+++ EXERCISE INPUTS +++

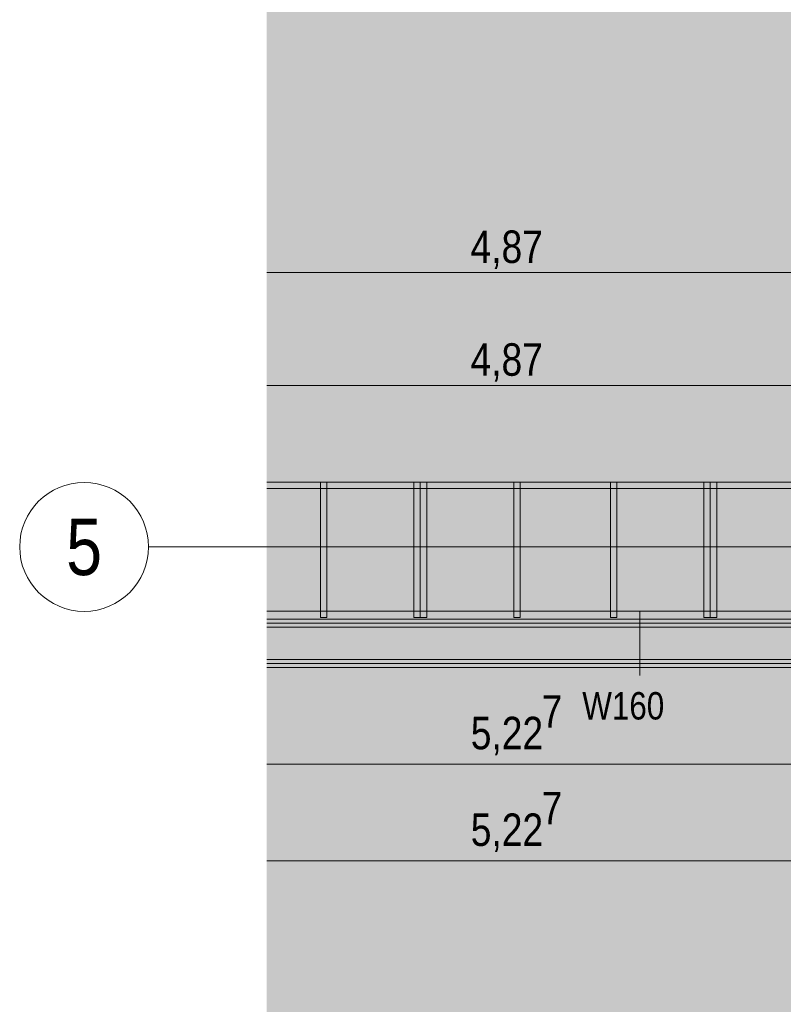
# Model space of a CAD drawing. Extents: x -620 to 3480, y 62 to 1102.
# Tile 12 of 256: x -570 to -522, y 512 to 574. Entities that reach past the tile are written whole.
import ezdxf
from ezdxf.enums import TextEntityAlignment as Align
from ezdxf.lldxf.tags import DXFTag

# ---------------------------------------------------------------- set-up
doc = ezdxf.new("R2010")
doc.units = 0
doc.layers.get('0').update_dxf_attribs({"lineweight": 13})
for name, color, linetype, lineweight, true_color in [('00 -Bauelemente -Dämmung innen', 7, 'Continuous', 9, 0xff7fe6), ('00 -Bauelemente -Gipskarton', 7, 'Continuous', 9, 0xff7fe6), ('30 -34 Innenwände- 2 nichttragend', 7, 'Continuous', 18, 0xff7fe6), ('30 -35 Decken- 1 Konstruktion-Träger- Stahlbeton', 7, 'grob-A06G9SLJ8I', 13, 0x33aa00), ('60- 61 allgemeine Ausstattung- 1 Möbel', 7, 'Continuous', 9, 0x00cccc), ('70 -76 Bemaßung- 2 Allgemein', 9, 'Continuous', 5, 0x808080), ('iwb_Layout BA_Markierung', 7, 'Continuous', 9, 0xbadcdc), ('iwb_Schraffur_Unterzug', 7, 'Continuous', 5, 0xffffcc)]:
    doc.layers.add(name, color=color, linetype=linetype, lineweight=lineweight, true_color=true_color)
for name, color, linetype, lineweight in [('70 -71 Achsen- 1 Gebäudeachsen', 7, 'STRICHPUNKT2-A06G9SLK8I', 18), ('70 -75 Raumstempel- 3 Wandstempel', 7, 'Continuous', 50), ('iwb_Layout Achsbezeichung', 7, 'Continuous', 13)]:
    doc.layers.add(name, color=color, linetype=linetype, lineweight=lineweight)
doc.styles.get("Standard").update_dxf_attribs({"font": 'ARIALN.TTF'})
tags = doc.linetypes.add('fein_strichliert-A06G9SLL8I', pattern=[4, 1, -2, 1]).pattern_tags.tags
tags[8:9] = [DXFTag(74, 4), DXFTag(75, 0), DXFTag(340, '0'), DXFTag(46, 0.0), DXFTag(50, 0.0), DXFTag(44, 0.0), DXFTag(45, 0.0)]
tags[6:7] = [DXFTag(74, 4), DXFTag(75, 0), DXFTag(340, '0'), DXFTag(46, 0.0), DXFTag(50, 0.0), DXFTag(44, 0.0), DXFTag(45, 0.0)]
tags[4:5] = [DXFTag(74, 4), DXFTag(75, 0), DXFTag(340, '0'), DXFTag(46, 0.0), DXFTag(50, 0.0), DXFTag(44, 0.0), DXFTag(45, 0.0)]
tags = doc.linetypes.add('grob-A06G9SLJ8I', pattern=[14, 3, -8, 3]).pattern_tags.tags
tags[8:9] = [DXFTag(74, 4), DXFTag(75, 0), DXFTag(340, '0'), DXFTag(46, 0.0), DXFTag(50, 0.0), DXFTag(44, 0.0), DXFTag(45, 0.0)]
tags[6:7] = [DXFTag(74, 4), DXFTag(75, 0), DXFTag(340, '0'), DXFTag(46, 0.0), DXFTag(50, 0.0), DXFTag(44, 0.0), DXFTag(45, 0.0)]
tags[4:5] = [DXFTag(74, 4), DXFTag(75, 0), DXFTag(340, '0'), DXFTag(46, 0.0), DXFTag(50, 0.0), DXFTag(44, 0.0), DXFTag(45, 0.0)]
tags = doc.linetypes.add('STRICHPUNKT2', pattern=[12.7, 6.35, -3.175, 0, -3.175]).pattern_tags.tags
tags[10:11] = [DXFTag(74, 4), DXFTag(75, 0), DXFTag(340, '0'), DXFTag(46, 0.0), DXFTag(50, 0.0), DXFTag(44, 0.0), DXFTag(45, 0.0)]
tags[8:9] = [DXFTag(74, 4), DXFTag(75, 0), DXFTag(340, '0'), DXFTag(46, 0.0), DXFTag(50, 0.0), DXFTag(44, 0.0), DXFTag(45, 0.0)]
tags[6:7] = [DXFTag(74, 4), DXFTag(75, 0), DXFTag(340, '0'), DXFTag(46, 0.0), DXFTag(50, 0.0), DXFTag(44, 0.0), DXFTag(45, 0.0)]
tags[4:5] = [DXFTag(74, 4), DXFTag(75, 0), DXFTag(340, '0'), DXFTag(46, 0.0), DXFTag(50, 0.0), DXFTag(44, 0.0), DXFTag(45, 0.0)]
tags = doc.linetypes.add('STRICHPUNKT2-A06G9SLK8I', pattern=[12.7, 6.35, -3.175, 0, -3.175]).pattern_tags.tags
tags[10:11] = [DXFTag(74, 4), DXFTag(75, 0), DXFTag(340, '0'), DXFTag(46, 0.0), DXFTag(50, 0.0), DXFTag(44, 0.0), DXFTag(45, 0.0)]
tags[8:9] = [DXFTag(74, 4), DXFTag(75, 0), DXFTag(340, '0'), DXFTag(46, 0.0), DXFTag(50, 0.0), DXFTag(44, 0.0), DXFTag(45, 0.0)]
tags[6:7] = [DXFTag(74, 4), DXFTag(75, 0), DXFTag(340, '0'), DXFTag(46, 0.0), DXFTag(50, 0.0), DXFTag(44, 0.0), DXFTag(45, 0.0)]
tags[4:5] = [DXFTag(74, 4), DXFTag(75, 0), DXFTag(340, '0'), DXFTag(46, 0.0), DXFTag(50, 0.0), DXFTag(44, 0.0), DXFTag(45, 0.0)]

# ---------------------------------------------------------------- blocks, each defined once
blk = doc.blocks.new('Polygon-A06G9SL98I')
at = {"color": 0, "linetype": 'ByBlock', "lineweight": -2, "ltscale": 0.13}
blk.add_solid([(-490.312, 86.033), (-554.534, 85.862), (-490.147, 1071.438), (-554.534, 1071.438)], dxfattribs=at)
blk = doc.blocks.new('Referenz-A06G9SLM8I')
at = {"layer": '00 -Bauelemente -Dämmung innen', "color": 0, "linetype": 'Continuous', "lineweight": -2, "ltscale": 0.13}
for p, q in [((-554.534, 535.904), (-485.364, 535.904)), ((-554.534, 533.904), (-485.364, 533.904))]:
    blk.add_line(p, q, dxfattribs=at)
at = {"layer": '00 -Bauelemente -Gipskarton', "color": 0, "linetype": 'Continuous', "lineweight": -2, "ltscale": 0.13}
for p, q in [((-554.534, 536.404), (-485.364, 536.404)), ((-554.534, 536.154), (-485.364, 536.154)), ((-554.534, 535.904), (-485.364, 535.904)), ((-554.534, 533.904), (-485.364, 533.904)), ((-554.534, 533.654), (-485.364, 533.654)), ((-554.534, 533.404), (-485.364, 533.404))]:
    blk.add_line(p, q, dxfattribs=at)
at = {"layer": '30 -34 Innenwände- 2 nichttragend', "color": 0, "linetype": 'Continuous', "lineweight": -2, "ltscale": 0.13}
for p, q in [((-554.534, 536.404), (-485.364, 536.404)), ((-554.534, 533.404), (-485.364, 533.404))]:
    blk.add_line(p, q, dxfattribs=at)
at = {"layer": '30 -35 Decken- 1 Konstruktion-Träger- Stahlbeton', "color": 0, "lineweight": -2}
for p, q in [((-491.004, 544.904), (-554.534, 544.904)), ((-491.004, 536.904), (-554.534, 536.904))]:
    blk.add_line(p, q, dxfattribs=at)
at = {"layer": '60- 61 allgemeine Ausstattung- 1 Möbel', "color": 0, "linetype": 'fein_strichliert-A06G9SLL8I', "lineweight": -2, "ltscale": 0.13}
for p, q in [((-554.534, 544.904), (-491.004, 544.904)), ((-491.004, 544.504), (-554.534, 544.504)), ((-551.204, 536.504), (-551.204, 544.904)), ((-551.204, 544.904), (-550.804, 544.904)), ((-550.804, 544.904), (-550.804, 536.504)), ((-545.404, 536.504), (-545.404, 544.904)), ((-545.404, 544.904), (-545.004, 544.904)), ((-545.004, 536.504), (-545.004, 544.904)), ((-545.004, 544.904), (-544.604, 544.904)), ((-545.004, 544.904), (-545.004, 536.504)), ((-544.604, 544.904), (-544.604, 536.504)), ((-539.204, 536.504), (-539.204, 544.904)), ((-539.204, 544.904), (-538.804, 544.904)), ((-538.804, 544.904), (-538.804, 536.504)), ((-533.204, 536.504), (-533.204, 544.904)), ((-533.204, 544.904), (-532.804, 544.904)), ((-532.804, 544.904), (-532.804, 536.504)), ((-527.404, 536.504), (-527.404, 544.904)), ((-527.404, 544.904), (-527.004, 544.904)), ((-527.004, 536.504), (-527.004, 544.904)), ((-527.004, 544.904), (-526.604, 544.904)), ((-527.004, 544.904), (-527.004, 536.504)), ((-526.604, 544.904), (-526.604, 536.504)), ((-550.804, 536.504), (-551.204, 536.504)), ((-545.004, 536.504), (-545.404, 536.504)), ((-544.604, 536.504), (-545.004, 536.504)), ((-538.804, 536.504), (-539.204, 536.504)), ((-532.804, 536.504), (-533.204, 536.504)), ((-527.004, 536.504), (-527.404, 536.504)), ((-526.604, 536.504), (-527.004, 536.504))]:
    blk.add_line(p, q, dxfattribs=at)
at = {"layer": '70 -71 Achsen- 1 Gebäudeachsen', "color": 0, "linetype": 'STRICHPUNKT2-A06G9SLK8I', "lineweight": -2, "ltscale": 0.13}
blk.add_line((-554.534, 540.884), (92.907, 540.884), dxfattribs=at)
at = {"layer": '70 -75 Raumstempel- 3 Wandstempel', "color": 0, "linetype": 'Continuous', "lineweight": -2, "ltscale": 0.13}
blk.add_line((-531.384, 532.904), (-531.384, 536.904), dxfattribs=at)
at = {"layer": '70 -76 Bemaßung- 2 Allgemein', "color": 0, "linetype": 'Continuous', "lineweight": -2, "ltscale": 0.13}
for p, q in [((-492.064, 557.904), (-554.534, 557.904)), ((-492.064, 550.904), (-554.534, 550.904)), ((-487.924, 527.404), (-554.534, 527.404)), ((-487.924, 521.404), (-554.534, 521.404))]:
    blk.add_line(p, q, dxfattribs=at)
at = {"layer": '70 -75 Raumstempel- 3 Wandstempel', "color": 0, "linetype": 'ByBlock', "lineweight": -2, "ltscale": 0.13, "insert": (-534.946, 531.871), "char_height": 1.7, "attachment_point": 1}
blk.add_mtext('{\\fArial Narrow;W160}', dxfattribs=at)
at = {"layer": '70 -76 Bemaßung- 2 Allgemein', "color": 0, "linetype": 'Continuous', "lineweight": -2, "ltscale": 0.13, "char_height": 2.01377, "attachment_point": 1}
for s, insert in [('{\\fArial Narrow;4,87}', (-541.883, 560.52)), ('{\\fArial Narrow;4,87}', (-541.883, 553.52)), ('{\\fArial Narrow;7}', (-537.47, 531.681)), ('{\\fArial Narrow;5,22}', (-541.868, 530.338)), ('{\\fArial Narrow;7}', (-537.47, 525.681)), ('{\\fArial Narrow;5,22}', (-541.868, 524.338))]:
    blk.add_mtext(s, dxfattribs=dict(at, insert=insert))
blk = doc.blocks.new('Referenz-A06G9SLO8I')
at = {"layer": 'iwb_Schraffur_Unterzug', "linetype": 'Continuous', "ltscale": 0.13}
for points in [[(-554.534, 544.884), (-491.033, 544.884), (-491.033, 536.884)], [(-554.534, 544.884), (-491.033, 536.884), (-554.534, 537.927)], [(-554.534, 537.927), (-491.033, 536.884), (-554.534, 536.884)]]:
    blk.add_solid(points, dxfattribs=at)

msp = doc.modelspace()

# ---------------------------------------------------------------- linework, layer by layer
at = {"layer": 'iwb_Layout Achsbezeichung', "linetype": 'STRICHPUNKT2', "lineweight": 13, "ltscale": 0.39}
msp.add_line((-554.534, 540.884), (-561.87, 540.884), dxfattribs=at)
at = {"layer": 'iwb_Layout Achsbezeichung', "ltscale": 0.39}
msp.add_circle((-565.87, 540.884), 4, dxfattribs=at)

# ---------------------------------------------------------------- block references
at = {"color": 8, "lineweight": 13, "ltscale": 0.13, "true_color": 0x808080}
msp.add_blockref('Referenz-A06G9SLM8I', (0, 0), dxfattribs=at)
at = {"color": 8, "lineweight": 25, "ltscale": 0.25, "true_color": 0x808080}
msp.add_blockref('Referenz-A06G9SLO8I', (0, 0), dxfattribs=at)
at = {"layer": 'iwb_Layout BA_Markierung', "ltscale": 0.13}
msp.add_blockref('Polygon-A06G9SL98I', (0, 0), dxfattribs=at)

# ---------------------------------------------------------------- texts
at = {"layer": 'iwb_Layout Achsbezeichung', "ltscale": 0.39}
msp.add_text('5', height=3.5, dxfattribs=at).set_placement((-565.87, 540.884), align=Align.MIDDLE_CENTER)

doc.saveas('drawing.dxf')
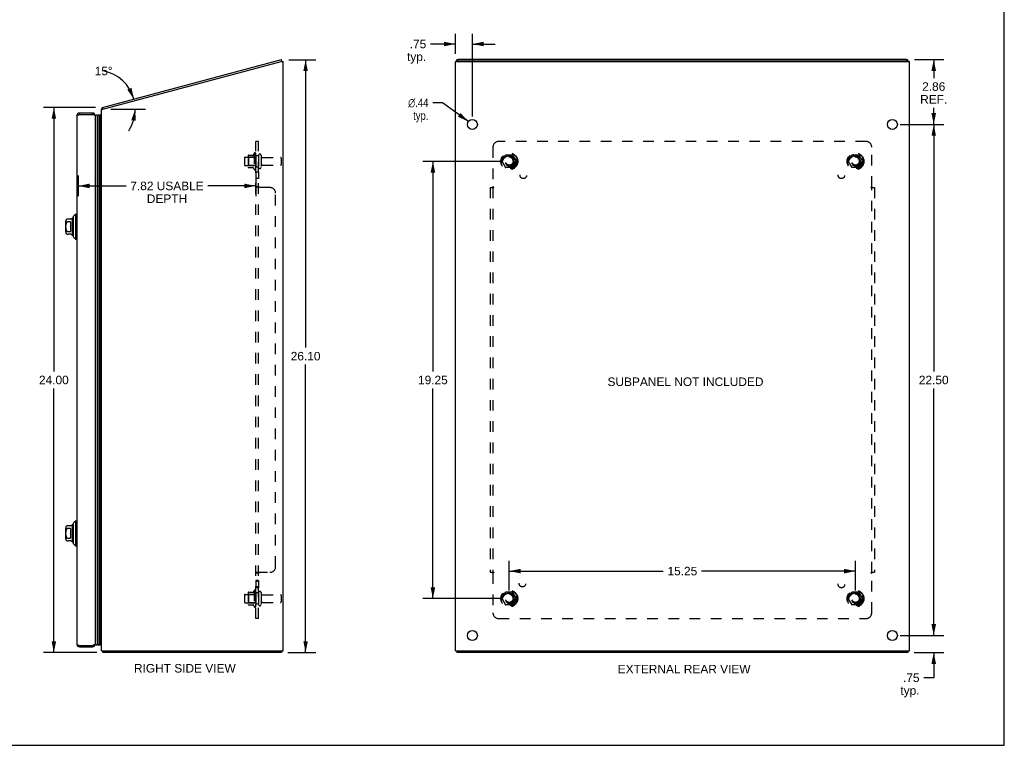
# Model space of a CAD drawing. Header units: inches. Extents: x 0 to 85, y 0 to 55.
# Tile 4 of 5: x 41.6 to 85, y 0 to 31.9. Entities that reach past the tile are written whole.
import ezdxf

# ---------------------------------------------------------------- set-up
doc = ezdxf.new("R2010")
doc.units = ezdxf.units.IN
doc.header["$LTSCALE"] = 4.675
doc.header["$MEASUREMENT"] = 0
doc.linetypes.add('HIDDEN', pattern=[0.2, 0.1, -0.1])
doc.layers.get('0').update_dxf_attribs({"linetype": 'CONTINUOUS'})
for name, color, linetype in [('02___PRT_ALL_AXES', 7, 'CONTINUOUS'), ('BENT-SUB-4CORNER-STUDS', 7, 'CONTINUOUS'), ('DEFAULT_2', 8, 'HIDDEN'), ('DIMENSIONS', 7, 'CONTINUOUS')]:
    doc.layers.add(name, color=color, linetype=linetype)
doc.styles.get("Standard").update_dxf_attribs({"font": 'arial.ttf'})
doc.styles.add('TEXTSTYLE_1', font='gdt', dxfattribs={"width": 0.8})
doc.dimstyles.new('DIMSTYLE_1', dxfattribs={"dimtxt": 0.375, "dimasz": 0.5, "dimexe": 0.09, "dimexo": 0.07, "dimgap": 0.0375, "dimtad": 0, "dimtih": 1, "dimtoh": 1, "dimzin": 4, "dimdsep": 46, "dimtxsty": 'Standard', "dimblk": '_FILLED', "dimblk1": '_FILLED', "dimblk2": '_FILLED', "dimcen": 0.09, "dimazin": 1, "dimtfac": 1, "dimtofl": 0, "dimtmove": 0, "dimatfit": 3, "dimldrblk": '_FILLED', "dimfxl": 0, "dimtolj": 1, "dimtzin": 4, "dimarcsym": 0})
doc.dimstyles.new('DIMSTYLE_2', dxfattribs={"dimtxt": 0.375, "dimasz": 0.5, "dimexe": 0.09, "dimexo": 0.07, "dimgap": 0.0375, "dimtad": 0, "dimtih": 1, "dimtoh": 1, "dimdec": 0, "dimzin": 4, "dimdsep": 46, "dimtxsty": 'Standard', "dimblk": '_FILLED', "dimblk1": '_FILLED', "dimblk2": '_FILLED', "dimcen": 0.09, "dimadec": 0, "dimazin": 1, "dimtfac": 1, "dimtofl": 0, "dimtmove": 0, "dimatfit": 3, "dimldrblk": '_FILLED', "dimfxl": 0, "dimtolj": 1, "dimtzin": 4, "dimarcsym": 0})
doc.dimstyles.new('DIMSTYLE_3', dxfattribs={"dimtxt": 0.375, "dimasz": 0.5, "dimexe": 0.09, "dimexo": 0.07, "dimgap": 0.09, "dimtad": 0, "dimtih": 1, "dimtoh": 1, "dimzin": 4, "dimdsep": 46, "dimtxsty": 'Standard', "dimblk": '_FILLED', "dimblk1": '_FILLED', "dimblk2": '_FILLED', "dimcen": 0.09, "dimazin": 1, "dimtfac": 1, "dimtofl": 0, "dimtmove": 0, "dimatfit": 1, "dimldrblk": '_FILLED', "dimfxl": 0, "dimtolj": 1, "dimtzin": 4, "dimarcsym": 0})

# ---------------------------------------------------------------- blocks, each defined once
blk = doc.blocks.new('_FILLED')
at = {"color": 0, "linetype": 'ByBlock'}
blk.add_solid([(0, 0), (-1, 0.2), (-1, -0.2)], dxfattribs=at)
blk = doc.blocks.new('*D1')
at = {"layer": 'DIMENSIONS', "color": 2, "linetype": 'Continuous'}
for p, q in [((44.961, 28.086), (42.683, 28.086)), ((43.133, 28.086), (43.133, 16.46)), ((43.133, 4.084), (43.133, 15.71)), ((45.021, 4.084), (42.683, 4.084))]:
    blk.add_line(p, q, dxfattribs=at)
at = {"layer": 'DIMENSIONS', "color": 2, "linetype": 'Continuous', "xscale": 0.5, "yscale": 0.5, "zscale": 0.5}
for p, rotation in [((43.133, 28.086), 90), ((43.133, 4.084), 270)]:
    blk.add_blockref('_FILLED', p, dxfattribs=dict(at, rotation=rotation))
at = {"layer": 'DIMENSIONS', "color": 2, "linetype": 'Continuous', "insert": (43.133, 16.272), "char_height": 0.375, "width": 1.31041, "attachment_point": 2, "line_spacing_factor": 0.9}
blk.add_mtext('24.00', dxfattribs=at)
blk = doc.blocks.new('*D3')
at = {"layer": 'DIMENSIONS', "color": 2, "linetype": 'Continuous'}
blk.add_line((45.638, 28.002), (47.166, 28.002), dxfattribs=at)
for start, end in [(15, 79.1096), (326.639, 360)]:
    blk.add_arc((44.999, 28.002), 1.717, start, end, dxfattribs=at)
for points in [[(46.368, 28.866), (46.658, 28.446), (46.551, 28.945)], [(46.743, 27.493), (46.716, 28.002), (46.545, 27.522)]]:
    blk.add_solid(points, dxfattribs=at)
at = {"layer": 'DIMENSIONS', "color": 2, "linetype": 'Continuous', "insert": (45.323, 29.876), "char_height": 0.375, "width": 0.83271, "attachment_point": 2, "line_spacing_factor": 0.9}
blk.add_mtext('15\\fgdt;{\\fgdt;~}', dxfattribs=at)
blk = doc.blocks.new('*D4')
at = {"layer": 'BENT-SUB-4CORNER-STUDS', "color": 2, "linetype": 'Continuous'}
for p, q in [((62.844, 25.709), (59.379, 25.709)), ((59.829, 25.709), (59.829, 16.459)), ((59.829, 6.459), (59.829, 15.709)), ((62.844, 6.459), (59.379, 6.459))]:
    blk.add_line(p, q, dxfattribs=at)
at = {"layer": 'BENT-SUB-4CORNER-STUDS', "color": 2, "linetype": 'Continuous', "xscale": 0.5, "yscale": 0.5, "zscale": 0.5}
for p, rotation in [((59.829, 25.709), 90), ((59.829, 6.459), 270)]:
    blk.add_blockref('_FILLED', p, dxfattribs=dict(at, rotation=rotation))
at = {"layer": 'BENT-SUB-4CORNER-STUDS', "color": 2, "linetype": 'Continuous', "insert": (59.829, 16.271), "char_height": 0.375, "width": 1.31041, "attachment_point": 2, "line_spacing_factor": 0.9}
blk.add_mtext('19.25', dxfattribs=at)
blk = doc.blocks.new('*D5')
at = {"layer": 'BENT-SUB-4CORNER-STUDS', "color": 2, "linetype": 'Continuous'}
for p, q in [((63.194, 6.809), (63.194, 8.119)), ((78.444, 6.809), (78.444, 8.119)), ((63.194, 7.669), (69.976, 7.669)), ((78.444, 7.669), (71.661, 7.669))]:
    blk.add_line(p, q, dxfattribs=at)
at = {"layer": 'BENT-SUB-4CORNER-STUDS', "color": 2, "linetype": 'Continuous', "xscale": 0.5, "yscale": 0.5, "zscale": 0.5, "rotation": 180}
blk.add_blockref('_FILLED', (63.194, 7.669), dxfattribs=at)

+++

## AIM OF THE TASK
Filter the entries above down to the lines that contain the word "Träger".

## RESULT FOR THIS TASK
for name, color, linetype, lineweight, true_color in [('00 -Bauelemente -Dämmung innen', 7, 'Continuous', 9, 0xff7fe6), ('00 -Bauelemente -Gipskarton', 7, 'Continuous', 9, 0xff7fe6), ('30 -34 Innenwände- 2 nichttragend', 7, 'Continuous', 18, 0xff7fe6), ('30 -35 Decken- 1 Konstruktion-Träger- Stahlbeton', 7, 'grob-A06G9SLJ8I', 13, 0x33aa00), ('60- 61 allgemeine Ausstattung- 1 Möbel', 7, 'Continuous', 9, 0x00cccc), ('70 -76 Bemaßung- 2 Allgemein', 9, 'Continuous', 5, 0x808080), ('iwb_Layout BA_Markierung', 7, 'Continuous', 9, 0xbadcdc), ('iwb_Schraffur_Unterzug', 7, 'Continuous', 5, 0xffffcc)]:
at = {"layer": '30 -35 Decken- 1 Konstruktion-Träger- Stahlbeton', "color": 0, "lineweight": -2}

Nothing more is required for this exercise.